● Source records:
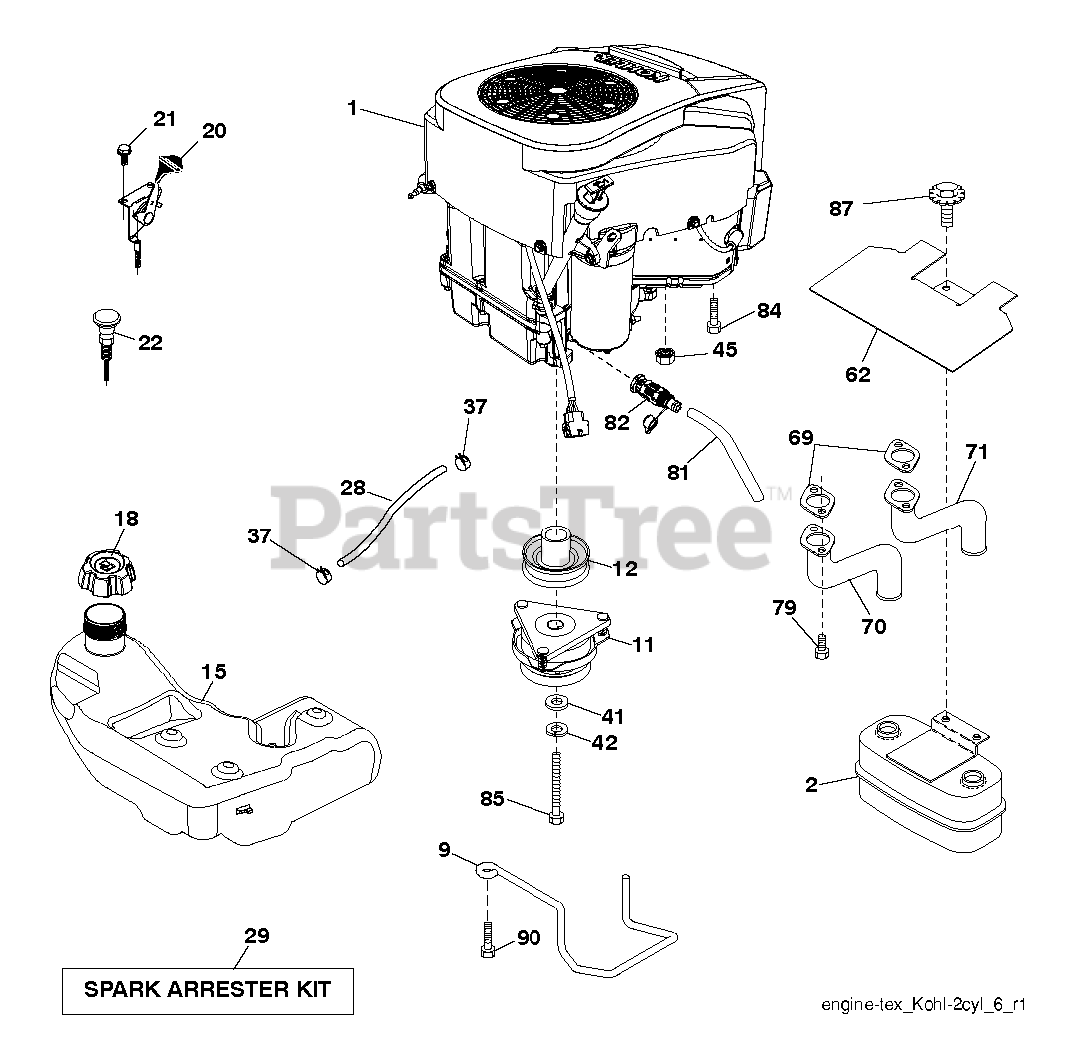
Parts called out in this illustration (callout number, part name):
2	MUFFLER.TWIN.CYL.LOW.TONE
9	KEEPER.BELT.ENGINE.4.2
11	RB.CLUTCH.OGURA.4.4.PD
12	PULLEY.ENGINE.TUFFTORQ
15	TANK.FUEL.4GAL
18	CAP.FUEL.TANK.3"GREY
20	THROTTLE CONTROL
21	SCREW
22	CONTROL.CHOKE.ERGO.PUSH-IN.BLA
28	REPL BY 532 00 85-43
29	KIT.SPARK ARRESTOR 794945 B&S
37	HOSE CLAMP
42	LOCKWASHER
45	NUT
62	RP SHIELD HEAT MUFFLER
69	EXHAUST SHROUDS
70	RP.PIPE-EXHAUST LH
71	RP.PIPE-EXHAUST RH
79	SCREW.SOCKET HD.5/16-1
81	TUBE, DRAIN OIL ASM.
82	PLUG DRAIN OIL EASY
84	SCREW 3/8-16X1
85	BOLT HEX 7/16-20X4-1/4"
87	BOLT.5/16-18UNCX1.W/SEMS.BLK
90	SCREW 3/8-16X1

● DESCRIPTION OF THE TASK:
Supply the count of lines in the entries that include "DRAIN", and no other text.

● EXERCISE RESULT:
2